# [RECORD EXCERPTS]
*** Block opens ***

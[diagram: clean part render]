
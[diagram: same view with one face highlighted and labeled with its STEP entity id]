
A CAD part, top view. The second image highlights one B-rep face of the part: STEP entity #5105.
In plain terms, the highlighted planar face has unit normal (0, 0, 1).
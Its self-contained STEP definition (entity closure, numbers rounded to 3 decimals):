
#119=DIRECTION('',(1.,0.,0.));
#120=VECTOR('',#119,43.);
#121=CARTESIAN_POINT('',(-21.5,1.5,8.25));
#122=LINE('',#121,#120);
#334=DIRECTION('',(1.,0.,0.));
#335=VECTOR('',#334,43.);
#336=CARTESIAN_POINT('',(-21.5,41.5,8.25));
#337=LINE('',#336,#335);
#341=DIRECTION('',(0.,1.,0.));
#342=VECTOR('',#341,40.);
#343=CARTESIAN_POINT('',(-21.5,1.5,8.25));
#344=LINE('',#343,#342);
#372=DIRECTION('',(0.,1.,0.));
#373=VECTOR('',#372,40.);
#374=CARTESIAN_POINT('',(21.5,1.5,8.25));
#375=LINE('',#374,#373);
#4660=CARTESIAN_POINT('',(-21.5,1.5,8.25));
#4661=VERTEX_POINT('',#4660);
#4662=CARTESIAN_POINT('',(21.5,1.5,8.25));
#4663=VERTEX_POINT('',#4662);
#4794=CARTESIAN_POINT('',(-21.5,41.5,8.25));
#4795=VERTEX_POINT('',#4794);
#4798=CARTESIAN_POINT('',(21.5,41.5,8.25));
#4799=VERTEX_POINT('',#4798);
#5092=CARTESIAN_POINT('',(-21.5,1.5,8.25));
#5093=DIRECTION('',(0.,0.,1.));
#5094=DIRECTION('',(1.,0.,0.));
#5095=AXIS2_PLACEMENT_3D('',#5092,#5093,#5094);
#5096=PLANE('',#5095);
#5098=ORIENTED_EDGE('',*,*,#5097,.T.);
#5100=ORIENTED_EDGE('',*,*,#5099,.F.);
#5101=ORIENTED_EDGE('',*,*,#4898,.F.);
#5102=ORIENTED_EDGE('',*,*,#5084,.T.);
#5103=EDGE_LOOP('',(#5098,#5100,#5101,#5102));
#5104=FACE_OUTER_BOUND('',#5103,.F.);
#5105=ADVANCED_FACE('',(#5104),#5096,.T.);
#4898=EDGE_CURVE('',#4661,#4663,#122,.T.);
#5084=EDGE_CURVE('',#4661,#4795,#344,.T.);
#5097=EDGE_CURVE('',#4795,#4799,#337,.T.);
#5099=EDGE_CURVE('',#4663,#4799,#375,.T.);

*** Block closes ***

# [INSTRUCTIONS FOR THE TASK]
Retype the records that precede this task, keeping them exactly the same.

# [RESPONSE TO THIS TASK]
[diagram: clean part render]
[diagram: same view with one face highlighted and labeled with its STEP entity id]
A CAD part, top view. The second image highlights one B-rep face of the part: STEP entity #5105.
In plain terms, the highlighted planar face has unit normal (0, 0, 1).
Its self-contained STEP definition (entity closure, numbers rounded to 3 decimals):
#119=DIRECTION('',(1.,0.,0.));
#120=VECTOR('',#119,43.);
#121=CARTESIAN_POINT('',(-21.5,1.5,8.25));
#122=LINE('',#121,#120);
#334=DIRECTION('',(1.,0.,0.));
#335=VECTOR('',#334,43.);
#336=CARTESIAN_POINT('',(-21.5,41.5,8.25));
#337=LINE('',#336,#335);
#341=DIRECTION('',(0.,1.,0.));
#342=VECTOR('',#341,40.);
#343=CARTESIAN_POINT('',(-21.5,1.5,8.25));
#344=LINE('',#343,#342);
#372=DIRECTION('',(0.,1.,0.));
#373=VECTOR('',#372,40.);
#374=CARTESIAN_POINT('',(21.5,1.5,8.25));
#375=LINE('',#374,#373);
#4660=CARTESIAN_POINT('',(-21.5,1.5,8.25));
#4661=VERTEX_POINT('',#4660);
#4662=CARTESIAN_POINT('',(21.5,1.5,8.25));
#4663=VERTEX_POINT('',#4662);
#4794=CARTESIAN_POINT('',(-21.5,41.5,8.25));
#4795=VERTEX_POINT('',#4794);
#4798=CARTESIAN_POINT('',(21.5,41.5,8.25));
#4799=VERTEX_POINT('',#4798);
#5092=CARTESIAN_POINT('',(-21.5,1.5,8.25));
#5093=DIRECTION('',(0.,0.,1.));
#5094=DIRECTION('',(1.,0.,0.));
#5095=AXIS2_PLACEMENT_3D('',#5092,#5093,#5094);
#5096=PLANE('',#5095);
#5098=ORIENTED_EDGE('',*,*,#5097,.T.);
#5100=ORIENTED_EDGE('',*,*,#5099,.F.);
#5101=ORIENTED_EDGE('',*,*,#4898,.F.);
#5102=ORIENTED_EDGE('',*,*,#5084,.T.);
#5103=EDGE_LOOP('',(#5098,#5100,#5101,#5102));
#5104=FACE_OUTER_BOUND('',#5103,.F.);
#5105=ADVANCED_FACE('',(#5104),#5096,.T.);
#4898=EDGE_CURVE('',#4661,#4663,#122,.T.);
#5084=EDGE_CURVE('',#4661,#4795,#344,.T.);
#5097=EDGE_CURVE('',#4795,#4799,#337,.T.);
#5099=EDGE_CURVE('',#4663,#4799,#375,.T.);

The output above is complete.